Work instruction: Find all lines below containing the string "Saved" and return them.

Stored data
—————
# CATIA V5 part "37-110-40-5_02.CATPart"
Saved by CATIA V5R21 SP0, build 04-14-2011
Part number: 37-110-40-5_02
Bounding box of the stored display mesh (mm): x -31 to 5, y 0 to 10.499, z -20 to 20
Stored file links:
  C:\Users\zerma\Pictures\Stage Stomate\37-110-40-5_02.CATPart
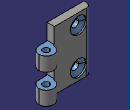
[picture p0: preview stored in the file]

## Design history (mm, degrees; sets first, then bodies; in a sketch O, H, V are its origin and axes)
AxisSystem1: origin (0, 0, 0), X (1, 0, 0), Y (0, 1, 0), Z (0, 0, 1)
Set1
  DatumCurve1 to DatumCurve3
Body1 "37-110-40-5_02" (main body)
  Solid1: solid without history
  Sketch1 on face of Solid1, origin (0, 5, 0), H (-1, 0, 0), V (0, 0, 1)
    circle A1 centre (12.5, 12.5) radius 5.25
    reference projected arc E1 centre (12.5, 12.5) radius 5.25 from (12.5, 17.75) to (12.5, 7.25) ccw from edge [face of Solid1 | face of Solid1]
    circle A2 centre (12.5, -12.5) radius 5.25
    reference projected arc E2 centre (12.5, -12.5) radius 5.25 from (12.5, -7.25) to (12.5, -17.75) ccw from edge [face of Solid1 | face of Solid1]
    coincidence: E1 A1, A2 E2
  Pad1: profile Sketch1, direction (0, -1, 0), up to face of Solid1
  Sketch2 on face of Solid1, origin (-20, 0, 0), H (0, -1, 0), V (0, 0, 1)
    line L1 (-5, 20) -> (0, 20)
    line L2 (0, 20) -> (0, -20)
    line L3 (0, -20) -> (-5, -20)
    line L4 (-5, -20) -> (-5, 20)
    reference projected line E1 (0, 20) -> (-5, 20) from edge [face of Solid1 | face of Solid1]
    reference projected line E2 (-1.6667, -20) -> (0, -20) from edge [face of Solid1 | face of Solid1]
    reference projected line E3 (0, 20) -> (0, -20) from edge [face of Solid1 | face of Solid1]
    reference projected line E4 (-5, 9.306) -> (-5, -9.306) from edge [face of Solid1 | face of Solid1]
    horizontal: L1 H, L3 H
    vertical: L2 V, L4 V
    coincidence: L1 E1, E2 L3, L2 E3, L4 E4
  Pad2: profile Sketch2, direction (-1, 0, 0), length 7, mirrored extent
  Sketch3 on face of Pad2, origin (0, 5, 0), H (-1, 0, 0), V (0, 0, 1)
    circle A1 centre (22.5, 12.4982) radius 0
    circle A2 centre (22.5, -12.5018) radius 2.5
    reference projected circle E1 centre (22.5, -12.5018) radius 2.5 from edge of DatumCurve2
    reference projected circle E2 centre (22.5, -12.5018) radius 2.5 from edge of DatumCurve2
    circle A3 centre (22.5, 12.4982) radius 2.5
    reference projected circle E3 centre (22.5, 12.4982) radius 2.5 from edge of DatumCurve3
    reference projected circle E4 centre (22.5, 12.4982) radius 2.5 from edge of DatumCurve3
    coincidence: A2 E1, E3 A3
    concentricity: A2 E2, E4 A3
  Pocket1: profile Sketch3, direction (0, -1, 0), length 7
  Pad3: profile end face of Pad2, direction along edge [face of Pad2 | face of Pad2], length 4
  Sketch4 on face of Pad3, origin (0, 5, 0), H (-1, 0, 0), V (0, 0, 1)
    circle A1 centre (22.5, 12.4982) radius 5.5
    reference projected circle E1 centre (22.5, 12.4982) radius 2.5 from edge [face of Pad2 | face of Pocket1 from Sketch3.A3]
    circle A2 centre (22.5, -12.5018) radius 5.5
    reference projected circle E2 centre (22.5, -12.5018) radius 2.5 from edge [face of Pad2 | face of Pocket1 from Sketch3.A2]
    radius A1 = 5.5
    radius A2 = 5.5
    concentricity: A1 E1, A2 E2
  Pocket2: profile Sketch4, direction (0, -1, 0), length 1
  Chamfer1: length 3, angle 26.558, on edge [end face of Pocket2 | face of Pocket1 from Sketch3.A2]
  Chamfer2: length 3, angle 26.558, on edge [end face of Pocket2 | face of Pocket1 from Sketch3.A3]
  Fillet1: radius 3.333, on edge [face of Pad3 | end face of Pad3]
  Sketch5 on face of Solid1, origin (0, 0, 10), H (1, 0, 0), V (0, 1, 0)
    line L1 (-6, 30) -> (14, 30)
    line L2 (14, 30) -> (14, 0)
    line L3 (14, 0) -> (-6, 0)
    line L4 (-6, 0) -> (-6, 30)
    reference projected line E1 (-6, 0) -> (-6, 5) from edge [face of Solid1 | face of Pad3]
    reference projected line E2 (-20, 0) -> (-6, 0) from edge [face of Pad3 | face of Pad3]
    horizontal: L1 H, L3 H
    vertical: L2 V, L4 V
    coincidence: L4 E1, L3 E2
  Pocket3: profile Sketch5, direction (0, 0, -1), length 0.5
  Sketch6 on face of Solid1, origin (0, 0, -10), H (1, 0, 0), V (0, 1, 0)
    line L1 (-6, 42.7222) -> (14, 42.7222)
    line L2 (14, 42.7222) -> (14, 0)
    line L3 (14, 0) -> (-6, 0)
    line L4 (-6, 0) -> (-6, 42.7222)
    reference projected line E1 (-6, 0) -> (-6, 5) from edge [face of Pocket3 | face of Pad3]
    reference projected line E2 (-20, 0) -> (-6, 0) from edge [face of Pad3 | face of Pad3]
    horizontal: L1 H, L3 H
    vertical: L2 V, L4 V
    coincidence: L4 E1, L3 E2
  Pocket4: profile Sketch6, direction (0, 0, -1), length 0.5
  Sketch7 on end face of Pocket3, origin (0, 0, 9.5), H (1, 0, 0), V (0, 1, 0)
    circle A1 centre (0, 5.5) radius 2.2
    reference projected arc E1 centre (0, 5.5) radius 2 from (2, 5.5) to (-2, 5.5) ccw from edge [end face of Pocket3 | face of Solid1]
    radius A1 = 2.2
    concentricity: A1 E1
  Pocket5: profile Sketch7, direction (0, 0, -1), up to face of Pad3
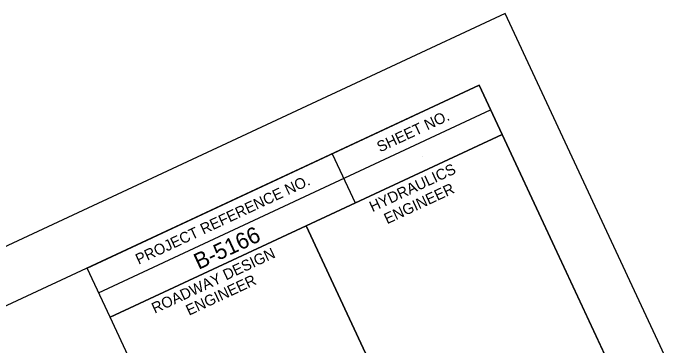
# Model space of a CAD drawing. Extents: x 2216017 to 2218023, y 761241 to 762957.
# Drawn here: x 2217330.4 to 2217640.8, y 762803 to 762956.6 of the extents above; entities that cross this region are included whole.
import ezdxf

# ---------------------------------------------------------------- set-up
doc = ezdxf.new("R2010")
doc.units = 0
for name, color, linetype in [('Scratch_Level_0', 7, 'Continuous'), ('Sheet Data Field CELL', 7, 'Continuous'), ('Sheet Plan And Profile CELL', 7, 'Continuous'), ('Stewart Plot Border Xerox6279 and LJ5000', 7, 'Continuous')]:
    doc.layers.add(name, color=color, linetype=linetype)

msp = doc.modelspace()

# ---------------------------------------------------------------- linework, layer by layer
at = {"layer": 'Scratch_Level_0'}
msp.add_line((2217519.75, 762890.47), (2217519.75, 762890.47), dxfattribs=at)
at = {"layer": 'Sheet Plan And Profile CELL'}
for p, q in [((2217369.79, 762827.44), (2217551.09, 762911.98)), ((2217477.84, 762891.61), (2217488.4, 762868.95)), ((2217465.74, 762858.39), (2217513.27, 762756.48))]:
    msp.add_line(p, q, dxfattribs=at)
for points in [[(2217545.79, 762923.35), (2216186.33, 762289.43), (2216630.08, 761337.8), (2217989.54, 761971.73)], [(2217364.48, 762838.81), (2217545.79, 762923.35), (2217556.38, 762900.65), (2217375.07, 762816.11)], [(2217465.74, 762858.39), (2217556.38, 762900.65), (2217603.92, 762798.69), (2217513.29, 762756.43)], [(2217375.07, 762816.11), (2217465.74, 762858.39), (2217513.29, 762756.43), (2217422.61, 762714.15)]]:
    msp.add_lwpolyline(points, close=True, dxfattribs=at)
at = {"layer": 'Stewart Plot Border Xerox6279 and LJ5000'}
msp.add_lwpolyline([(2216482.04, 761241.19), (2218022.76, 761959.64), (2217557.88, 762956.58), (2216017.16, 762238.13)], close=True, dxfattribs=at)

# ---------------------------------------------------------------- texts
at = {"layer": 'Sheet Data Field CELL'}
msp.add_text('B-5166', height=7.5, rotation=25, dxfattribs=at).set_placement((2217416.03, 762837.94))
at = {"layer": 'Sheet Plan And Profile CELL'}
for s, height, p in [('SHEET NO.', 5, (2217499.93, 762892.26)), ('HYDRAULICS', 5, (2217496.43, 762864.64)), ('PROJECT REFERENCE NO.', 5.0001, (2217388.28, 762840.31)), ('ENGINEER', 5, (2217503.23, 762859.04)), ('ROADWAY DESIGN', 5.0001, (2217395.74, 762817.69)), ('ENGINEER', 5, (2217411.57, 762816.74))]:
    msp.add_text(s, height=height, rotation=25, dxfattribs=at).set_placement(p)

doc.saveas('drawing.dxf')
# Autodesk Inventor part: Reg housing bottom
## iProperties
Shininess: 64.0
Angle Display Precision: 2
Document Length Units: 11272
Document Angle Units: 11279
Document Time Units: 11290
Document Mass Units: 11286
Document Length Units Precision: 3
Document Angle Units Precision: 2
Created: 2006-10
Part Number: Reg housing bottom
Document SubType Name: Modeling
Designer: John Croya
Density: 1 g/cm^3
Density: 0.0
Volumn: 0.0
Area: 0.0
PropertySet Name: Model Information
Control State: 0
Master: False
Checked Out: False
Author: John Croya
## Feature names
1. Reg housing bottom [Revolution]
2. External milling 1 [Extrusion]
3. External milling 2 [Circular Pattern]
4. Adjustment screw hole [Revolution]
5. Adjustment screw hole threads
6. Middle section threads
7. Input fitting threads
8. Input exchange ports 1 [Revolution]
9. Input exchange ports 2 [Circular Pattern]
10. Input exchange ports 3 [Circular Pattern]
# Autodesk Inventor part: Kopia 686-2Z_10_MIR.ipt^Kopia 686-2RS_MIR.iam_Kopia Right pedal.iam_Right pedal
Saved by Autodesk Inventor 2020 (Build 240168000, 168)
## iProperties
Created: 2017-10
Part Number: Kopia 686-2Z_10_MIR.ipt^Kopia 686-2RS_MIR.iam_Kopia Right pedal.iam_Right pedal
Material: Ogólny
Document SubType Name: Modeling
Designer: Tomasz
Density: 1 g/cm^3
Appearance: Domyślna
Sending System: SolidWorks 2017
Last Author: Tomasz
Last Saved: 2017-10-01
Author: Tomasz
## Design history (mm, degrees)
—————
Response box:
Saved by CATIA V5R21 SP0, build 04-14-2011
Saved by Autodesk Inventor 2020 (Build 240168000, 168)
Last Saved: 2017-10-01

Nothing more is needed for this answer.